California took a significant step this week toward becoming a state “Beyond Plastic.” Both the Senate and Assembly passed CALPIRG-backed bills to ensure much more of the single use plastic and packaging we use is actually recycled.

AB 1080 by Assemblymember Lorena Gonzalez and SB 54 by Sen. Ben Allen would establish state targets to reduce single-use plastic and packaging waste by 75 percent by 2030. CalRecycle would also be given the authority to implement regulations on manufacturers to help ensure the state stays on track to meet those targets, either through reduced use or increased recycling and composting.

This legislative action is very necessary. Last fall, CALPIRG Education Fund released The State of Waste in California, which found that Californians throw away six pounds of trash every day. That equates to almost 2,200 pounds every year or roughly the weight of a subcompact car. To make matters worse, the state has been trending in the wrong direction. CALPIRG researchers found that since 2012, disposal per resident has increased from 5.3 to 6 pounds, while the recycling rate has decreased from 50 percent to a current 44 percent.

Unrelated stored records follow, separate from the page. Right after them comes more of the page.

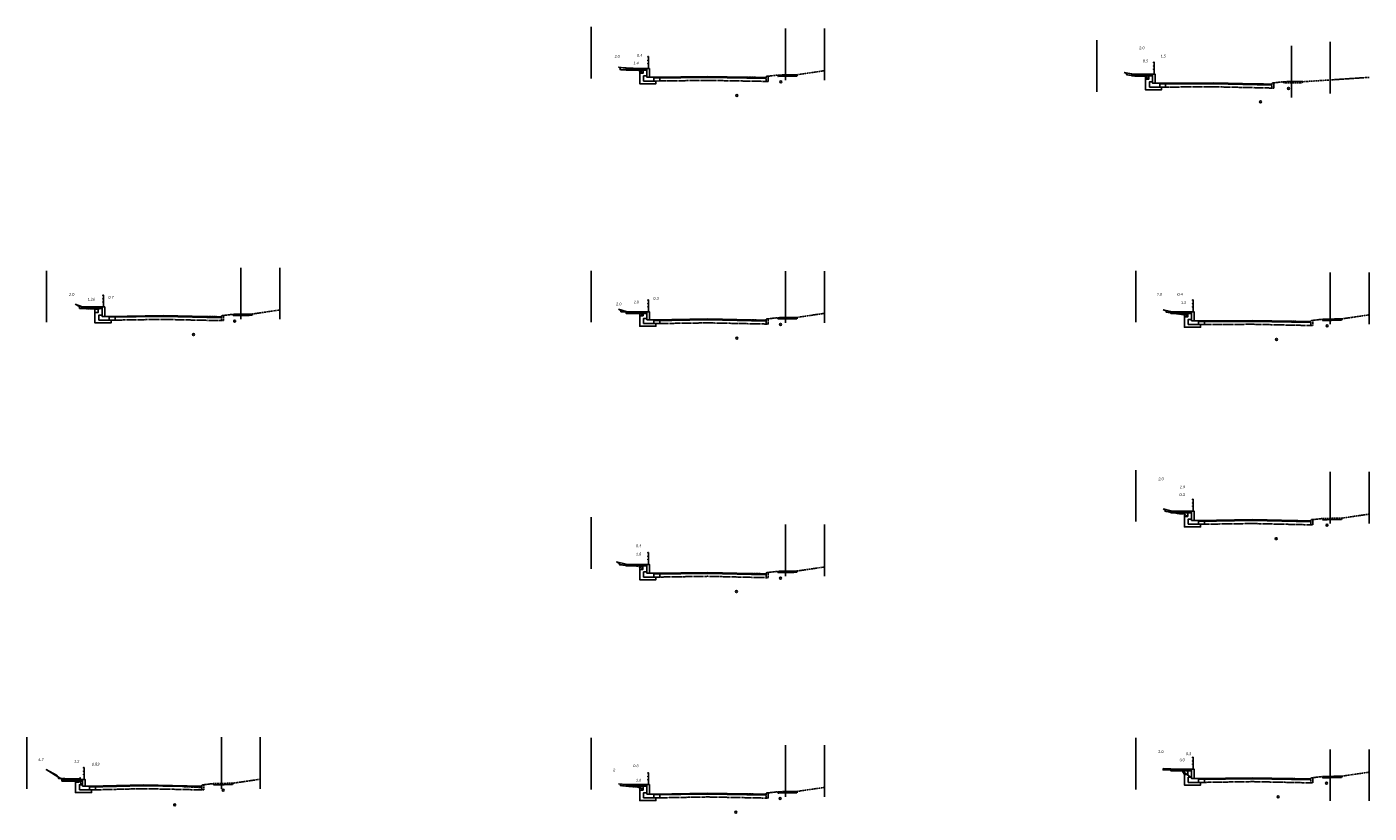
# Model space of a CAD drawing. Header units: feet. Extents: x 2287431 to 2293819, y 268796 to 272174.
# Tile 2 of 5: x 2287814 to 2288159, y 271740 to 271942. Entities that reach past the tile are written whole.
import ezdxf

# ---------------------------------------------------------------- set-up
doc = ezdxf.new("R2010")
doc.units = ezdxf.units.FT
doc.header["$MEASUREMENT"] = 0
for name, pattern in [('cl5', [25, 1.25, -1.25, 20, -1.25, 1.25]), ('constlimit', [0]), ('gasex', [0]), ('OhDOT_USTN1', [0.055, 0.014, -0.041]), ('OhDOT_USTN2', [0.11, 0.069, -0.041]), ('OhDOT_USTN3', [0.22, 0.165, -0.055]), ('OhDOT_USTN5', [0.11, 0.055, -0.055]), ('waterex', [0])]:
    doc.linetypes.add(name, pattern=pattern)
for name, color, linetype, plot in [('0_Cut', 10, 'Continuous', False), ('0_Fill', 11, 'Continuous', False), ('0_Seeding', 3, 'Continuous', False)]:
    doc.layers.add(name, color=color, linetype=linetype, plot=plot)
for name, color, linetype in [('PV_P_EOP', 7, 'Continuous'), ('PV_P_Walk', 231, 'Continuous'), ('PV_P_Wall', 201, 'Continuous'), ('PV_X_Curb', 120, 'OhDOT_USTN1'), ('PV_X_EOP', 7, 'OhDOT_USTN3'), ('PV_X_Walk', 120, 'OhDOT_USTN5'), ('RW_P_Const_Limits', 120, 'constlimit'), ('RW_X_CL_5', 6, 'cl5'), ('SH_TextM', 7, 'Continuous'), ('UT_X_Gas', 2, 'gasex'), ('UT_X_Water', 133, 'waterex'), ('XS_P_Finished_Grade', 3, 'Continuous'), ('XS_P_Finished_Grade_Seeded', 3, 'Continuous'), ('XS_X_Ground_Line', 3, 'OhDOT_USTN2')]:
    doc.layers.add(name, color=color, linetype=linetype)
doc.styles.add('30-LT', font='calibri.ttf')
doc.styles.add('Slanted-Normal', font='calibrii.ttf', dxfattribs={"height": 0.14})
doc.linetypes.add('ROWEXMD', pattern='A,0.8,-0.3,0.8,-0.45,["Ex R/W",30-LT,S=0.14,R=0,X=-0.35,Y=-0.07],-0.45,0.8,-0.3', length=3.9)

msp = doc.modelspace()

# ---------------------------------------------------------------- linework, layer by layer
at = {"layer": '0_Cut'}
for points in [[(2287967.83, 271931.83), (2287967.09, 271931.93), (2287967.83, 271931.89), (2287968.52, 271931.86), (2287969.61, 271931.81)], [(2287821.78, 271749.79), (2287821.41, 271750.21), (2287818.78, 271751.61)], [(2287822.53, 271749.33), (2287822.78, 271749.18), (2287827.54, 271749.1), (2287827.46, 271749.59), (2287827.46, 271749.26), (2287823.78, 271749.29)]]:
    msp.add_lwpolyline(points, close=True, dxfattribs=at)
at = {"layer": '0_Fill'}
for points in [[(2287965.83, 271932.08), (2287966.27, 271931.96), (2287966.25, 271931.46), (2287967.82, 271931.39), (2287967.82, 271931.83)], [(2287971.3, 271931.28), (2287972.12, 271930.53), (2287972.16, 271930.53), (2287972.16, 271931.27)], [(2287971.3, 271931.28), (2287971.32, 271930.53), (2287972.12, 271930.53)], [(2288095.83, 271930.74), (2288096.5, 271930.49), (2288096.44, 271930.16), (2288097.82, 271929.95), (2288097.83, 271930.37)], [(2288098.32, 271929.87), (2288098.72, 271929.81), (2288101.55, 271929.77), (2288101.65, 271929.77), (2288101.77, 271929.31), (2288102.16, 271929.01), (2288102.16, 271929.81)], [(2288102.16, 271929.01), (2288102.16, 271928.98), (2288101.32, 271928.98), (2288101.31, 271929.78), (2288101.51, 271929.78), (2288101.55, 271929.77), (2288101.65, 271929.77), (2288101.77, 271929.31)], [(2287826.17, 271871.19), (2287827.18, 271870.7), (2287827.35, 271870.44), (2287827.34, 271870.11), (2287827.81, 271870.09), (2287827.81, 271870.59)], [(2287832.13, 271869.91), (2287828.29, 271870.08), (2287832.13, 271870.02)], [(2287831.3, 271869.09), (2287831.3, 271869.95), (2287832.13, 271869.91), (2287832.13, 271869.09)], [(2287965.83, 271869.95), (2287966.42, 271869.61), (2287966.42, 271869.28), (2287967.83, 271869.18), (2287967.83, 271869.33)], [(2287972.13, 271868.21), (2287971.32, 271868.21), (2287971.32, 271868.78), (2287971.48, 271868.78)], [(2287972.16, 271868.77), (2287972.16, 271868.21), (2287972.13, 271868.21), (2287971.48, 271868.78)], [(2288105.83, 271869.74), (2288106.67, 271869.5), (2288106.63, 271869.17), (2288107.82, 271868.99), (2288107.83, 271869.32)], [(2288109, 271868.81), (2288111.99, 271868.35), (2288112.05, 271868.67), (2288112.16, 271868.55), (2288112.16, 271868.76)], [(2288105.83, 271818.59), (2288106.37, 271818.26), (2288106.35, 271817.99), (2288107.82, 271817.74), (2288107.83, 271818.11)], [(2288108.62, 271817.6), (2288109.97, 271817.38), (2288111.36, 271817.32), (2288112.1, 271816.66), (2288112.16, 271816.66), (2288112.16, 271817.55)], [(2288112.1, 271816.66), (2288111.32, 271816.66), (2288111.32, 271817.32), (2288111.37, 271817.31)], [(2287965.38, 271804.97), (2287965.93, 271804.66), (2287966.1, 271804.61), (2287966.1, 271804.25), (2287967.83, 271804.13), (2287967.83, 271804.44)], [(2287971.26, 271803.89), (2287972.15, 271803.09), (2287972.15, 271803.88)], [(2287972.15, 271803.07), (2287971.32, 271803.07), (2287971.26, 271803.89), (2287972.15, 271803.09)], [(2287821.78, 271749.79), (2287821.88, 271749.66), (2287821.88, 271749.35), (2287822.53, 271749.33)], [(2288105.86, 271751.87), (2288105.86, 271751.54), (2288107.83, 271751.53), (2288107.83, 271751.82)], [(2288110.81, 271751.28), (2288110.83, 271751.22), (2288113.16, 271749.52), (2288113.15, 271751.24)], [(2288110.83, 271751.22), (2288111.32, 271750.32), (2288112.05, 271750.32)], [(2287826.28, 271748.39), (2287826.28, 271748.63), (2287827.11, 271748.63), (2287827.11, 271748.39)], [(2287827.6, 271748.61), (2287827.69, 271747.72), (2287828.11, 271747.72), (2287828.11, 271748.6)], [(2287965.83, 271747.98), (2287966.27, 271747.87), (2287966.34, 271747.86), (2287966.34, 271747.53), (2287967.82, 271747.39), (2287967.83, 271747.83)], [(2287968.51, 271747.32), (2287969.34, 271747.24), (2287970.82, 271747.14), (2287971.26, 271747.12), (2287972.16, 271746.39), (2287972.16, 271747.27)], [(2287971.26, 271747.12), (2287971.32, 271746.35), (2287972.16, 271746.35), (2287972.16, 271746.39)]]:
    msp.add_lwpolyline(points, close=True, dxfattribs=at)
msp.add_lwpolyline([(2288112.16, 271868.55), (2288112.16, 271867.95), (2288111.32, 271867.95), (2288111.33, 271868.45), (2288111.99, 271868.35), (2288112.05, 271868.67), (2288112.16, 271868.55, -0.424319)], format="xyb", dxfattribs=at)
at = {"layer": 'PV_P_EOP'}
for p, q in [((2288114.97, 271866.95), (2288128.81, 271867.04)), ((2288128.81, 271867.04), (2288143.81, 271866.71)), ((2288114.97, 271866.84), (2288128.81, 271866.93)), ((2288114.97, 271866.7), (2288128.81, 271866.79)), ((2288128.8, 271866.93), (2288143.8, 271866.61)), ((2288128.8, 271866.79), (2288143.8, 271866.46))]:
    msp.add_line(p, q, dxfattribs=at)
for points in [[(2287974.97, 271928.53), (2287975.47, 271928.53), (2287975.47, 271927.86), (2287971.32, 271927.86), (2287971.32, 271930.53), (2287972.16, 271930.53), (2287972.16, 271931.27)], [(2287974.97, 271929.53), (2287988.81, 271929.7)], [(2287974.97, 271929.42), (2287988.81, 271929.6)], [(2287974.97, 271929.28), (2287988.81, 271929.45)], [(2288003.8, 271929.44), (2287988.81, 271929.7)], [(2288003.8, 271929.34), (2287988.81, 271929.6)], [(2288003.8, 271929.19), (2287988.81, 271929.45)], [(2288104.97, 271926.97), (2288105.47, 271926.97), (2288105.47, 271926.3), (2288101.32, 271926.3), (2288101.32, 271928.98), (2288102.16, 271928.98), (2288102.16, 271929.81)], [(2288104.97, 271927.97), (2288118.81, 271928.06), (2288133.81, 271927.73)], [(2288104.97, 271927.87), (2288118.8, 271927.96), (2288133.8, 271927.63)], [(2288104.97, 271927.73), (2288118.8, 271927.81), (2288133.8, 271927.48)], [(2287834.95, 271867.08), (2287835.45, 271867.08), (2287835.45, 271866.41), (2287831.3, 271866.41), (2287831.3, 271869.09), (2287832.13, 271869.09)], [(2287832.13, 271869.09), (2287832.13, 271870.02)], [(2287834.95, 271868.08), (2287848.81, 271868.29)], [(2287834.95, 271867.99), (2287848.81, 271868.19)], [(2287834.95, 271867.84), (2287848.81, 271868.04)], [(2287836.45, 271867.11), (2287836.45, 271868.11)], [(2287863.81, 271867.86), (2287848.8, 271868.19)], [(2287863.81, 271867.72), (2287848.8, 271868.04)], [(2287863.8, 271867.97), (2287848.81, 271868.29)], [(2287974.97, 271866.21), (2287975.47, 271866.21), (2287975.47, 271865.54), (2287971.32, 271865.54), (2287971.32, 271868.21), (2287972.16, 271868.21), (2287972.16, 271868.77)], [(2287974.97, 271867.21), (2287988.81, 271867.4)], [(2287974.97, 271867.1), (2287988.81, 271867.3)], [(2287974.97, 271866.96), (2287988.81, 271867.15)], [(2288003.8, 271866.99), (2287988.8, 271867.3)], [(2288003.8, 271866.85), (2287988.8, 271867.15)], [(2288003.8, 271867.1), (2287988.81, 271867.4)], [(2288114.97, 271865.95), (2288115.47, 271865.95), (2288115.47, 271865.28), (2288111.32, 271865.28), (2288111.32, 271867.95), (2288112.16, 271867.95), (2288112.16, 271868.76)], [(2288114.97, 271814.66), (2288115.47, 271814.66), (2288115.47, 271813.99), (2288111.32, 271813.99), (2288111.32, 271816.66), (2288112.16, 271816.66), (2288112.16, 271817.55)], [(2288114.97, 271815.66), (2288128.81, 271815.84), (2288143.8, 271815.51)], [(2288114.97, 271815.55), (2288128.8, 271815.73), (2288143.8, 271815.4)], [(2288114.97, 271815.4), (2288128.8, 271815.59), (2288143.8, 271815.26)], [(2287974.97, 271801.06), (2287975.47, 271801.06), (2287975.47, 271800.39), (2287971.32, 271800.39), (2287971.32, 271803.07), (2287972.15, 271803.07), (2287972.15, 271803.88)], [(2288003.8, 271801.93), (2287988.81, 271802.28), (2287974.97, 271802.06)], [(2288003.8, 271801.82), (2287988.8, 271802.18), (2287974.97, 271801.96)], [(2288003.79, 271801.68), (2287988.8, 271802.03), (2287974.97, 271801.81)], [(2288114.97, 271748.32), (2288115.47, 271748.32), (2288115.47, 271747.65), (2288111.32, 271747.65), (2288111.32, 271750.32), (2288112.16, 271750.32), (2288112.16, 271751.26)], [(2287829.93, 271746.39), (2287830.43, 271746.39), (2287830.43, 271745.72), (2287826.28, 271745.72), (2287826.28, 271748.39), (2287827.11, 271748.39), (2287827.11, 271748.63)], [(2287829.93, 271747.39), (2287843.78, 271747.72), (2287858.78, 271747.4)], [(2287829.93, 271747.27), (2287843.78, 271747.61), (2287858.78, 271747.29)], [(2287829.93, 271747.14), (2287843.78, 271747.47), (2287858.78, 271747.15)], [(2287829.93, 271746.39), (2287831.43, 271746.42)], [(2287974.97, 271744.34), (2287975.47, 271744.34), (2287975.47, 271743.67), (2287971.32, 271743.67), (2287971.32, 271746.35), (2287972.16, 271746.35)], [(2287972.16, 271746.35), (2287972.16, 271747.27)], [(2288114.97, 271749.32), (2288128.81, 271749.53)], [(2288114.97, 271749.21), (2288128.81, 271749.42)], [(2288114.97, 271749.07), (2288128.81, 271749.28)], [(2288143.81, 271749.1), (2288128.8, 271749.42)], [(2288143.81, 271748.96), (2288128.8, 271749.28)], [(2288143.8, 271749.21), (2288128.81, 271749.53)], [(2287974.97, 271745.34), (2287988.81, 271745.59)], [(2287974.97, 271745.25), (2287988.81, 271745.49)], [(2287974.97, 271745.1), (2287988.81, 271745.34)], [(2288003.8, 271745.05), (2287988.8, 271745.34)], [(2288003.81, 271745.3), (2287988.81, 271745.59)], [(2288003.8, 271745.19), (2287988.81, 271745.49)]]:
    msp.add_lwpolyline(points, dxfattribs=at)
at = {"layer": 'PV_P_Walk'}
for points in [[(2287973.16, 271931.25), (2287967.82, 271931.34), (2287967.82, 271931.5)], [(2287973.16, 271931.42), (2287967.83, 271931.5), (2287967.83, 271931.83), (2287973.16, 271931.75)], [(2287973.16, 271931.25), (2287973.16, 271931.75)], [(2288103.16, 271929.79), (2288097.82, 271929.88), (2288097.82, 271930.04)], [(2288103.16, 271929.96), (2288097.83, 271930.04), (2288097.83, 271930.37), (2288103.16, 271930.29)], [(2288103.16, 271929.79), (2288103.16, 271930.29)], [(2287827.81, 271870.25), (2287833.14, 271870.17)], [(2287973.16, 271868.75), (2287967.82, 271868.83), (2287967.82, 271869)], [(2287967.83, 271869.33), (2287967.83, 271868.83)], [(2287973.16, 271868.92), (2287967.83, 271869), (2287967.83, 271869.33), (2287973.16, 271869.25)], [(2287973.16, 271868.75), (2287973.16, 271869.25)], [(2288113.16, 271868.74), (2288107.82, 271868.83), (2288107.82, 271868.99)], [(2288107.83, 271869.32), (2288107.83, 271868.82)], [(2288113.16, 271868.91), (2288107.83, 271868.99), (2288107.83, 271869.32), (2288113.16, 271869.24)], [(2288113.16, 271868.74), (2288113.16, 271869.24)], [(2288113.16, 271817.53), (2288107.82, 271817.62), (2288107.82, 271817.78)], [(2288107.83, 271817.61), (2288107.83, 271818.11)], [(2288113.16, 271817.7), (2288107.83, 271817.78), (2288107.83, 271818.11), (2288113.16, 271818.03)], [(2288113.16, 271817.53), (2288113.16, 271818.03)], [(2287973.16, 271803.86), (2287967.82, 271803.95), (2287967.82, 271804.11)], [(2287973.16, 271804.03), (2287967.83, 271804.11), (2287967.83, 271804.44), (2287973.16, 271804.36)], [(2287973.16, 271803.86), (2287973.16, 271804.36)], [(2288113.16, 271751.24), (2288107.82, 271751.33), (2288107.82, 271751.49)], [(2288113.16, 271751.41), (2288107.83, 271751.49), (2288107.83, 271751.82), (2288113.16, 271751.74)], [(2288113.16, 271751.24), (2288113.16, 271751.74)], [(2287822.78, 271748.85), (2287828.11, 271748.76)], [(2287973.16, 271747.25), (2287967.82, 271747.33), (2287967.82, 271747.5)], [(2287973.16, 271747.42), (2287967.83, 271747.5), (2287967.83, 271747.83), (2287973.16, 271747.75)], [(2287973.16, 271747.25), (2287973.16, 271747.75)]]:
    msp.add_lwpolyline(points, dxfattribs=at)
for points in [[(2287827.81, 271870.08), (2287827.81, 271870.58), (2287833.14, 271870.5), (2287833.14, 271870)], [(2287822.78, 271748.68), (2287822.78, 271749.18), (2287828.11, 271749.09), (2287828.11, 271748.6)]]:
    msp.add_lwpolyline(points, close=True, dxfattribs=at)
at = {"layer": 'PV_P_Wall'}
for points in [[(2287973.58, 271931.75), (2287973.58, 271934.74)], [(2288103.58, 271930.29), (2288103.58, 271933.29)], [(2287833.51, 271870.5), (2287833.51, 271873.49)], [(2287973.58, 271869.25), (2287973.58, 271872.24)], [(2288113.58, 271869.24), (2288113.58, 271872.24)], [(2288113.58, 271818.03), (2288113.58, 271821.03)], [(2287973.58, 271804.36), (2287973.58, 271807.34)], [(2288113.58, 271751.74), (2288113.58, 271754.74)], [(2287828.54, 271749.09), (2287828.54, 271752.09)], [(2287973.58, 271747.75), (2287973.58, 271750.74)], [(2287828.76, 271747.39), (2287828.76, 271749.09), (2287828.11, 271749.09), (2287828.11, 271747.39)], [(2287828.11, 271747.39), (2287828.11, 271747.72)]]:
    msp.add_lwpolyline(points, dxfattribs=at)
for points in [[(2287972.32, 271928.53), (2287972.32, 271929.86), (2287973.16, 271929.86), (2287973.16, 271929.53), (2287974.97, 271929.53), (2287974.97, 271928.53)], [(2287973.16, 271929.53), (2287973.81, 271929.53), (2287973.81, 271931.75), (2287973.16, 271931.75)], [(2288103.16, 271927.97), (2288103.81, 271927.97), (2288103.81, 271930.29), (2288103.16, 271930.29)], [(2288102.32, 271926.97), (2288102.32, 271928.31), (2288103.16, 271928.31), (2288103.16, 271927.97), (2288104.97, 271927.97), (2288104.97, 271926.97)], [(2287833.14, 271868.08), (2287833.79, 271868.08), (2287833.79, 271870.5), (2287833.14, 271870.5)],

Although California’s recycling rate remains above the national average of 34.7 percent, its results are well below the state’s 2020 goal of 75 percent. This is a statewide problem. In fact, every major California city has failed to improve their reduction of waste since 2012.

We should all be concerned about the rise in plastic and packaging waste. This is a worldwide problem as evidenced by the 91 percent of plastic worldwide that isn’t recycled.

California used to export much of its plastic waste to other countries, but that’s become increasingly difficult. Just this week Malaysia announced that it will be the latest South Asian country to stop accepting imported plastic scrap. It will send some 3,000 metric tons of this plastic waste back to where it came from, including the United States.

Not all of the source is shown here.